Students are no longer people. The second a child enters their freshman year of high school, they become nothing more than a brand. Colleges, private counselors, test-prep centers, schools, and other entities view these high schoolers as opportunities to capitalize on rather than as individuals with stories and lives. Due to society’s emphasis on attending top-tier universities, students begin to work towards building the most appealing brand very early on. Students do not allow themselves to explore their personality during high school because they are busy constructing a different one for universities. This dehumanization of students around the globe by universities and society throughout high school must be discussed as one of the most dire situations our world is currently facing.
When I entered high school, I quickly learned that if I didn’t compete, getting into a top college would be impossible. My family and I began to seek advice from those around us in order to learn how to navigate a system that was completely foreign to us. Everyone we spoke to only asked us one question: “What’s your brand?” No one asked me about my passions, interests, aspirations, or desires; the most important thing was simply my brand.
Even summer vacations, the part of the year every student looks forward to, are expected to be completely devoid of enjoyment and relaxation if one aspires to go to a competitive school. During one of my high school summers, my family chose to go to India to visit family and, instead of feeling excited to see my grandparents, whom I hadn’t seen in six years, I was panicking because I felt like my college application would suffer from a summer that colleges may look at as wasted. That summer, my grandmother suggested that I help out at her charity that sent underprivileged girls in India to school solely because of the panic I felt regarding my application. The first thought I had when I heard her suggestion was that helping underprivileged kids as a project would be seen as “overdone.”

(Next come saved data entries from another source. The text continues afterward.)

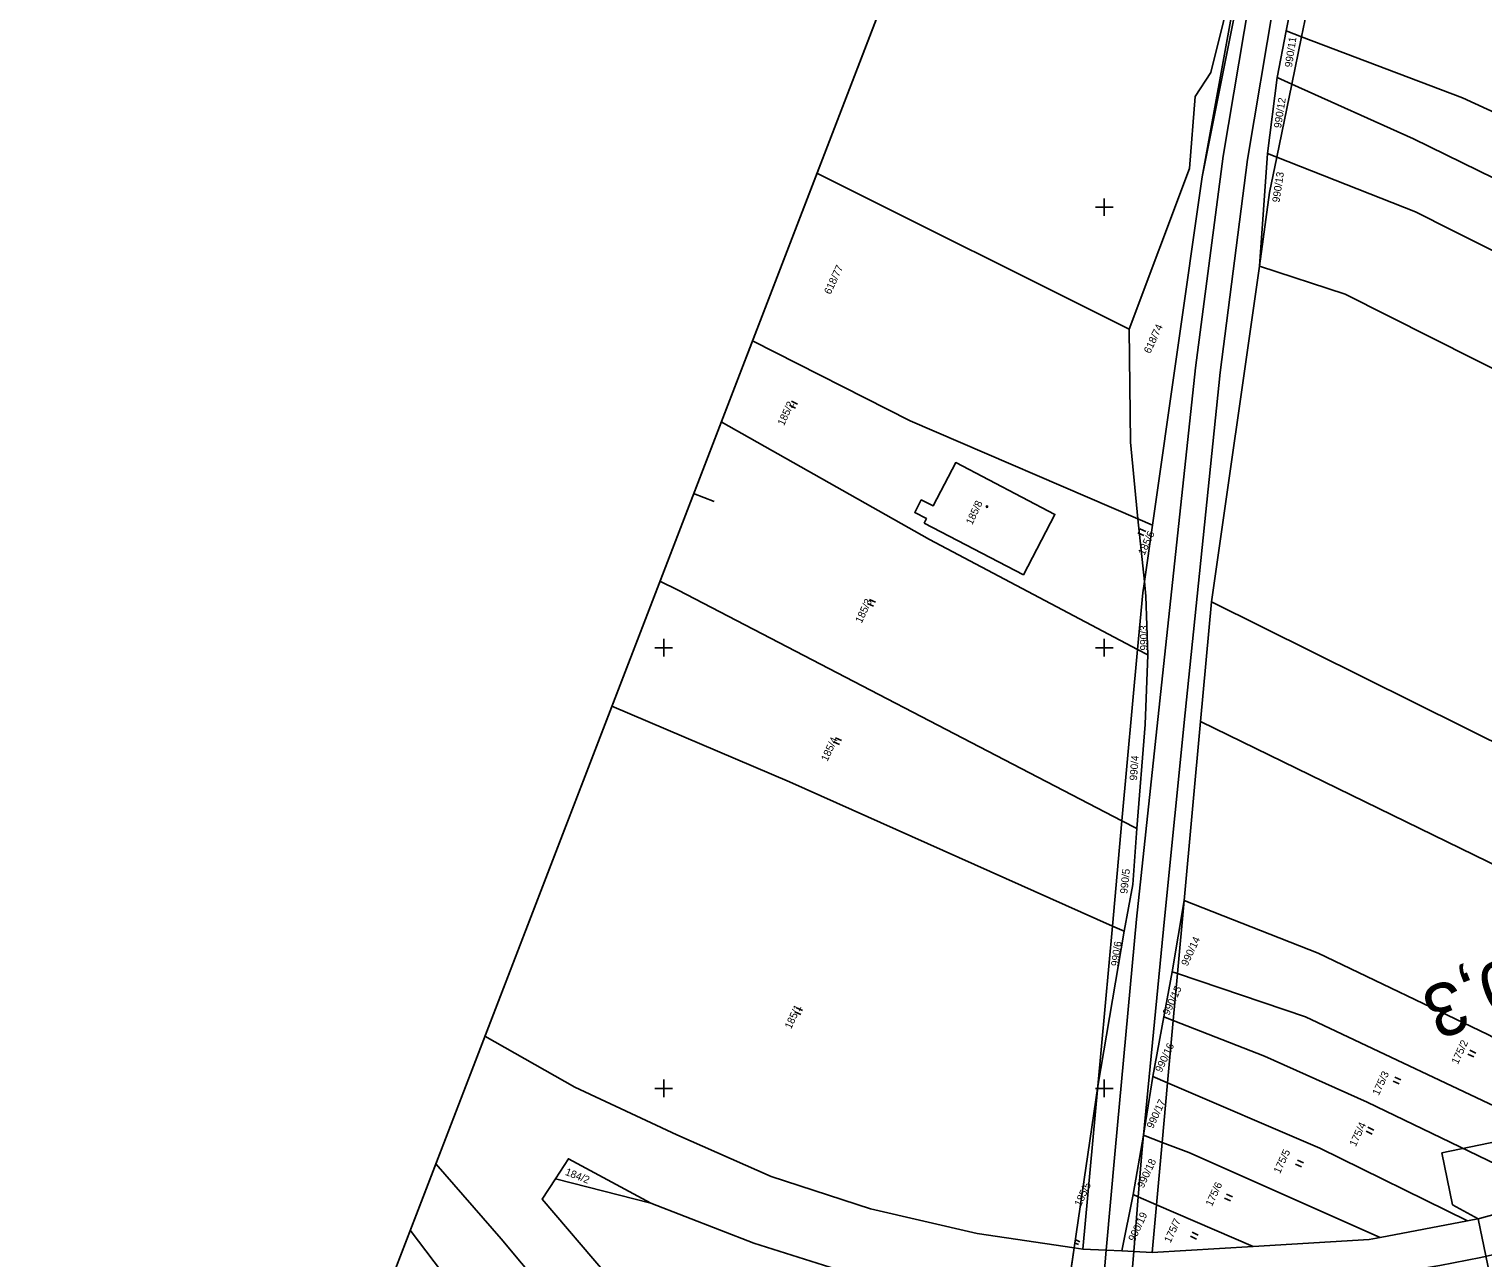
# Model space of a CAD drawing. Extents: x -755344 to -754412, y -1162670 to -1161477.
# Drawn here: x -755344.1 to -755014.1, y -1162238.5 to -1161959.6 of the extents above; entities that cross this region are included whole.
import ezdxf

# ---------------------------------------------------------------- set-up
doc = ezdxf.new("R2010")
doc.units = 0
for name, color, linetype in [('Formát', 7, 'Continuous'), ('hranice obvodu stavby', 7, 'Continuous'), ('Staniceni a namezniky', 7, 'Continuous'), ('Síť', 7, 'Continuous'), ('Vrstva 1', 7, 'Continuous'), ('Vrstva 53', 7, 'Continuous'), ('Vrstva 55', 7, 'Continuous'), ('Vrstva 56', 7, 'Continuous'), ('Vrstva 57', 7, 'Continuous'), ('Vrstva 58', 7, 'Continuous'), ('Vrstva 59', 7, 'Continuous')]:
    doc.layers.add(name, color=color, linetype=linetype)

msp = doc.modelspace()

# ---------------------------------------------------------------- linework, layer by layer
at = {"layer": 'Formát'}
for p, q in [((-755042.37, -1161673.02), (-755344.08, -1162456.97)), ((-755042.37, -1161673.02), (-755344.08, -1162456.97)), ((-755193.22, -1162065), (-755188.56, -1162066.79))]:
    msp.add_line(p, q, dxfattribs=at)
msp.add_lwpolyline([(-754488.01, -1161886.37), (-754789.71, -1162670.32), (-755344.08, -1162456.97), (-755042.37, -1161673.02)], close=True, dxfattribs=at)
msp.add_lwpolyline([(-754789.71, -1162670.32), (-754488.01, -1161886.37), (-755042.37, -1161673.02), (-755344.08, -1162456.97)], dxfattribs=at)
at = {"layer": 'hranice obvodu stavby'}
msp.add_lwpolyline([(-755010.64, -1162212), (-755023.37, -1162214.63), (-755020.94, -1162226.38), (-755020.94, -1162226.38), (-755020.94, -1162226.38), (-755015.16, -1162229.61), (-755012.14, -1162244.2), (-755017.04, -1162245.22), (-755015.23, -1162253.93), (-755005.62, -1162261.05)], dxfattribs=at)
at = {"layer": 'Síť'}
for points in [[(-755100, -1161998), (-755100, -1162000), (-755100, -1162002)], [(-755098, -1162000), (-755100, -1162000), (-755102, -1162000)], [(-755200, -1162098), (-755200, -1162100), (-755200, -1162102)], [(-755100, -1162098), (-755100, -1162100), (-755100, -1162102)], [(-755198, -1162100), (-755200, -1162100), (-755202, -1162100)], [(-755098, -1162100), (-755100, -1162100), (-755102, -1162100)], [(-755198, -1162200), (-755200, -1162200), (-755202, -1162200)], [(-755200, -1162198), (-755200, -1162200), (-755200, -1162202)], [(-755098, -1162200), (-755100, -1162200), (-755102, -1162200)], [(-755100, -1162198), (-755100, -1162200), (-755100, -1162202)]]:
    msp.add_lwpolyline(points, dxfattribs=at)
at = {"layer": 'Vrstva 1'}
msp.add_lwpolyline([(-755006.19, -1162236.46), (-755014.55, -1162238.36), (-755023.83, -1162240.18), (-755032.89, -1162241.66), (-755039.07, -1162242.52), (-755049.19, -1162243.63), (-755059.44, -1162244.4)], dxfattribs=at)
at = {"layer": 'Vrstva 53'}
msp.add_lwpolyline([(-755108.91, -1162250.29), (-755106.85, -1162236.16), (-755104.87, -1162236.45), (-755099.55, -1162236.71), (-755096.04, -1162236.88), (-755093.31, -1162237.02), (-755089.14, -1162237.23), (-755066.18, -1162235.85), (-755039.91, -1162234.27), (-755037.41, -1162233.8), (-755017.58, -1162230.07), (-755014.83, -1162229.55), (-754996.22, -1162224.35)], dxfattribs=at)
at = {"layer": 'Vrstva 55'}
for p, q in [((-755077.79, -1161993.12), (-755056.71, -1161887.12)), ((-755058.72, -1161960), (-755053.45, -1161933.51)), ((-755049.81, -1161934.92), (-755055.25, -1161961.32)), ((-755060.8, -1161970.61), (-755058.72, -1161960)), ((-755058.72, -1161960), (-755055.25, -1161961.32)), ((-755055.25, -1161961.32), (-755057.47, -1161972.1)), ((-755062.96, -1161987.84), (-755060.8, -1161970.61)), ((-755057.47, -1161972.1), (-755060.88, -1161988.66)), ((-755060.8, -1161970.61), (-755057.47, -1161972.1)), ((-755064.79, -1162013.41), (-755062.96, -1161987.84)), ((-755062.96, -1161987.84), (-755060.88, -1161988.66)), ((-755165.24, -1161992.28), (-755094.33, -1162027.67)), ((-755077.79, -1161993.12), (-755089.07, -1162072.18)), ((-755064.79, -1162013.41), (-755075.64, -1162089.56)), ((-755089.07, -1162072.18), (-755092.37, -1162070.76)), ((-755092.37, -1162070.76), (-755090.9, -1162084.97)), ((-755090.9, -1162084.97), (-755089.07, -1162072.18)), ((-755075.64, -1162089.56), (-755078.18, -1162116.73)), ((-755075.64, -1162089.56), (-754900.06, -1162176.77)), ((-755095.99, -1162139.26), (-755092.44, -1162100.39)), ((-755092.44, -1162100.39), (-755090.11, -1162101.62)), ((-755081.87, -1162157.32), (-755078.18, -1162116.73)), ((-755078.18, -1162116.73), (-754923.5, -1162192.2)), ((-755098.17, -1162163.16), (-755095.99, -1162139.26)), ((-755095.99, -1162139.26), (-755092.6, -1162141.02)), ((-755084.59, -1162173.51), (-755081.87, -1162157.32)), ((-755081.87, -1162157.32), (-755083.38, -1162173.92)), ((-755101.49, -1162199.47), (-755098.17, -1162163.16)), ((-755098.17, -1162163.16), (-755095.52, -1162164.34)), ((-755095.52, -1162164.34), (-755101.49, -1162199.47)), ((-755086.46, -1162183.76), (-755084.59, -1162173.51)), ((-755084.59, -1162173.51), (-755083.38, -1162173.92)), ((-755083.38, -1162173.92), (-755084.35, -1162184.59)), ((-755088.99, -1162197.29), (-755086.46, -1162183.76)), ((-755086.46, -1162183.76), (-755084.35, -1162184.59)), ((-755084.35, -1162184.59), (-755085.64, -1162198.73)), ((-755101.49, -1162199.47), (-755106.85, -1162236.16)), ((-755104.87, -1162236.45), (-755101.49, -1162199.47)), ((-755091.13, -1162210.63), (-755088.99, -1162197.29)), ((-755088.99, -1162197.29), (-755085.64, -1162198.73)), ((-755085.64, -1162198.73), (-755086.87, -1162212.23)), ((-755093.47, -1162224.09), (-755091.13, -1162210.63)), ((-755091.13, -1162210.63), (-755086.87, -1162212.23)), ((-755086.87, -1162212.23), (-755088.15, -1162226.38)), ((-755224.59, -1162220.51), (-755202.91, -1162226.05)), ((-755096.04, -1162236.88), (-755093.47, -1162224.09)), ((-755088.15, -1162226.38), (-755089.14, -1162237.23)), ((-755066.18, -1162235.85), (-755088.15, -1162226.38)), ((-755037.41, -1162233.8), (-755017.58, -1162230.07)), ((-755108.91, -1162250.29), (-755106.85, -1162236.16)), ((-755104.87, -1162236.45), (-755106.85, -1162236.16)), ((-755066.18, -1162235.85), (-755089.14, -1162237.23))]:
    msp.add_line(p, q, dxfattribs=at)
for points in [[(-755094.33, -1162027.67), (-755080.69, -1161991.19), (-755079.39, -1161974.89), (-755075.84, -1161969.41), (-755067.12, -1161934.32)], [(-755067.12, -1161934.32), (-755070.48, -1161952.7), (-755077.79, -1161993.12)], [(-755055.25, -1161961.32), (-755018.7, -1161975.2), (-754973.07, -1161996.16), (-754920.4, -1162024.65), (-754828.75, -1162070.02)], [(-755057.47, -1161972.1), (-755029.84, -1161984.47), (-754985.77, -1162006.08), (-754934.11, -1162033.82), (-754837.06, -1162081.94)], [(-755060.88, -1161988.66), (-755062.52, -1161996.64), (-755064.79, -1162013.41)], [(-755060.88, -1161988.66), (-755029.34, -1162001.05), (-755021.14, -1162005.19), (-754997.44, -1162017.02), (-754900.68, -1162066.68), (-754845.66, -1162094.27)], [(-754858.37, -1162113.93), (-755045.32, -1162019.78), (-755064.79, -1162013.41)], [(-755094.33, -1162027.67), (-755094.07, -1162053.35), (-755092.37, -1162070.76)], [(-755092.37, -1162070.76), (-755144.04, -1162048.5), (-755179.88, -1162030.34)], [(-755186.95, -1162048.7), (-755139.71, -1162075.43), (-755092.44, -1162100.39)], [(-755140.9, -1162071.68), (-755140.39, -1162070.68), (-755143.03, -1162069.3), (-755141.54, -1162066.44), (-755138.88, -1162067.81), (-755133.73, -1162057.97), (-755111.2, -1162069.74), (-755118.35, -1162083.41), (-755140.9, -1162071.68)], [(-755200.88, -1162084.9), (-755196.74, -1162086.92), (-755095.99, -1162139.26)], [(-755092.44, -1162100.39), (-755091.26, -1162087.49), (-755090.9, -1162084.97)], [(-755090.9, -1162084.97), (-755090.56, -1162088.25), (-755090.11, -1162101.62)], [(-755090.11, -1162101.62), (-755090.73, -1162117.44), (-755092.6, -1162141.02)], [(-755098.17, -1162163.16), (-755171.47, -1162130.42), (-755211.78, -1162113.21)], [(-755092.6, -1162141.02), (-755093.55, -1162153.72), (-755095.52, -1162164.34)], [(-755081.87, -1162157.32), (-755051.44, -1162169.33), (-755012.93, -1162187.79), (-754964.26, -1162213.49)], [(-755083.38, -1162173.92), (-755054.32, -1162183.78), (-755003.14, -1162207.94), (-754980.63, -1162219.28)], [(-755084.35, -1162184.59), (-755063.67, -1162192.69), (-755040.35, -1162203.08), (-754996.22, -1162224.35)], [(-755240.62, -1162188.15), (-755220.18, -1162199.71), (-755197.03, -1162210.54), (-755175.66, -1162219.97), (-755153.09, -1162227.31), (-755128.84, -1162232.93), (-755106.85, -1162236.16)], [(-755085.64, -1162198.73), (-755051.1, -1162213.59), (-755017.58, -1162230.07)], [(-755086.87, -1162212.23), (-755080.8, -1162214.51), (-755037.41, -1162233.8)], [(-755224.59, -1162220.51), (-755221.65, -1162215.97), (-755202.91, -1162226.05)], [(-755251.78, -1162217.14), (-755236.92, -1162234.12), (-755218.86, -1162255.78), (-755201.65, -1162278.82), (-755185.6, -1162302.84), (-755168.69, -1162327.53), (-755155.26, -1162350.62), (-755154.66, -1162351.82), (-755141.68, -1162377.77), (-755128.84, -1162403.34)], [(-755224.59, -1162220.51), (-755227.6, -1162225.16), (-755213.03, -1162242.21), (-755197.95, -1162261.69), (-755179.66, -1162287.01), (-755159.89, -1162316.68), (-755155.21, -1162323.55), (-755152.98, -1162327.62)], [(-755140.31, -1162246.01), (-755156.59, -1162242.36), (-755179.53, -1162235.08), (-755202.91, -1162226.05)], [(-755093.47, -1162224.09), (-755092.31, -1162224.59), (-755088.15, -1162226.38)], [(-755017.58, -1162230.07), (-755014.83, -1162229.55), (-754996.22, -1162224.35)], [(-755257.56, -1162232.16), (-755228.92, -1162270), (-755211.8, -1162300.42), (-755208.54, -1162317.82)], [(-755104.87, -1162236.45), (-755099.55, -1162236.71), (-755096.04, -1162236.88)], [(-755066.18, -1162235.85), (-755039.91, -1162234.27), (-755037.41, -1162233.8)], [(-755096.04, -1162236.88), (-755093.31, -1162237.02), (-755089.14, -1162237.23)]]:
    msp.add_lwpolyline(points, dxfattribs=at)
at = {"layer": 'Vrstva 56'}
for p, q in [((-755067.04, -1161952.84), (-755073.02, -1161988.39)), ((-755067.48, -1161989.17), (-755061.51, -1161953.6)), ((-755073.02, -1161988.39), (-755079.28, -1162036.49)), ((-755073.71, -1162037.5), (-755067.48, -1161989.17)), ((-755079.28, -1162036.49), (-755087.37, -1162112.06)), ((-755081.63, -1162114.72), (-755073.71, -1162037.5)), ((-755087.37, -1162112.06), (-755092.67, -1162161.58)), ((-755086.32, -1162161.53), (-755081.63, -1162114.72)), ((-755092.67, -1162161.58), (-755097.54, -1162214.06)), ((-755091.13, -1162210.63), (-755086.32, -1162161.53)), ((-755091.52, -1162214.66), (-755091.13, -1162210.63)), ((-755097.54, -1162214.06), (-755099.55, -1162236.71)), ((-755092.31, -1162224.59), (-755091.52, -1162214.66)), ((-755093.31, -1162237.02), (-755092.31, -1162224.59)), ((-755099.55, -1162236.71), (-755100.18, -1162243.88)), ((-755093.88, -1162244.12), (-755093.31, -1162237.02))]:
    msp.add_line(p, q, dxfattribs=at)
at = {"layer": 'Vrstva 58'}
for p, q in [((-755170.07, -1162045.58), (-755171.43, -1162044.95)), ((-755169.64, -1162044.68), (-755171, -1162044.04)), ((-755091.04, -1162074.54), (-755092.4, -1162073.91)), ((-755090.61, -1162073.64), (-755091.97, -1162073)), ((-755152.38, -1162090.57), (-755153.74, -1162089.94)), ((-755151.95, -1162089.67), (-755153.31, -1162089.03)), ((-755160.08, -1162121.96), (-755161.44, -1162121.33)), ((-755159.65, -1162121.06), (-755161.01, -1162120.42)), ((-755168.93, -1162183.21), (-755170.29, -1162182.58)), ((-755168.5, -1162182.31), (-755169.86, -1162181.67)), ((-755016.1, -1162192.86), (-755017.46, -1162192.23)), ((-755015.67, -1162191.96), (-755017.03, -1162191.32)), ((-755033.1, -1162198.97), (-755034.46, -1162198.34)), ((-755032.67, -1162198.07), (-755034.03, -1162197.43)), ((-755039.22, -1162210.35), (-755040.58, -1162209.72)), ((-755038.79, -1162209.45), (-755040.15, -1162208.81)), ((-755054.82, -1162216.9), (-755056.18, -1162216.26)), ((-755055.25, -1162217.8), (-755056.61, -1162217.17)), ((-755071.34, -1162225.53), (-755072.7, -1162224.9)), ((-755070.91, -1162224.63), (-755072.27, -1162223.99)), ((-755079.11, -1162234.18), (-755080.47, -1162233.55)), ((-755078.69, -1162233.28), (-755080.05, -1162232.64)), ((-755105.85, -1162235.42), (-755106.77, -1162235)), ((-755105.57, -1162234.81), (-755106.48, -1162234.39))]:
    msp.add_line(p, q, dxfattribs=at)
at = {"layer": 'Vrstva 59'}
msp.add_circle((-755126.61, -1162067.97), 0.175, dxfattribs=at)

# ---------------------------------------------------------------- texts
at = {"layer": 'Staniceni a namezniky'}
msp.add_text('0,3', height=12, rotation=201.4151, dxfattribs=at).set_placement((-755007.99, -1162169.85))
at = {"layer": 'Vrstva 57'}
for s, rotation, p in [('990/11', 81.5688, (-755057.4, -1161968.36)), ('990/12', 81.0541, (-755059.88, -1161982.15)), ('990/13', 81.364, (-755060.25, -1161999)), ('618/77', 65, (-755162.17, -1162019.94)), ('618/74', 65, (-755089.6, -1162033.36)), ('185/2', 65, (-755172.74, -1162049.74)), ('185/8', 65, (-755129.99, -1162072.24)), ('185/6', 65, (-755090.91, -1162079.15)), ('185/3', 65, (-755155.09, -1162094.54)), ('990/3', 91.0032, (-755090.16, -1162100.59)), ('185/4', 65, (-755162.87, -1162125.93)), ('990/4', 85.6611, (-755092.6, -1162130.17)), ('990/5', 84.0269, (-755094.77, -1162155.89)), ('990/6', 82.2866, (-755096.83, -1162172.35)), ('990/14', 65, (-755081.13, -1162172.37)), ('990/15', 65, (-755085.32, -1162183.55)), ('185/1', 65, (-755171.11, -1162186.65)), ('990/16', 65, (-755087.03, -1162196.5)), ('175/2', 65, (-755019.76, -1162194.66)), ('175/3', 65, (-755037.72, -1162201.74)), ('990/17', 65, (-755088.97, -1162209.27)), ('175/4', 65, (-755042.93, -1162213.32)), ('175/5', 65, (-755060.14, -1162219.47)), ('990/18', 65, (-755091.11, -1162222.75)), ('184/2', 338.4561, (-755222.53, -1162219.57)), ('185/5', 65, (-755105.35, -1162226.93)), ('175/6', 65, (-755075.58, -1162226.91)), ('990/19', 65, (-755093.12, -1162234.88)), ('175/7', 65, (-755084.99, -1162235.18))]:
    msp.add_text(s, height=1.7, rotation=rotation, dxfattribs=at).set_placement(p)

doc.saveas('drawing.dxf')

Students are not commodities—they are people. They must be allowed to grow and flourish as individuals. We often forget that we own these universities, they don’t own us. As a student population, we must believe that we are more than just a couple of essay questions, a deposit, and a signature. We aren’t brands or products; we are students with passions, interests, aspirations, stories, lives, minds, personalities, and most importantly, hearts, and it is up to us to disrupt the current system by reminding it of exactly who we are.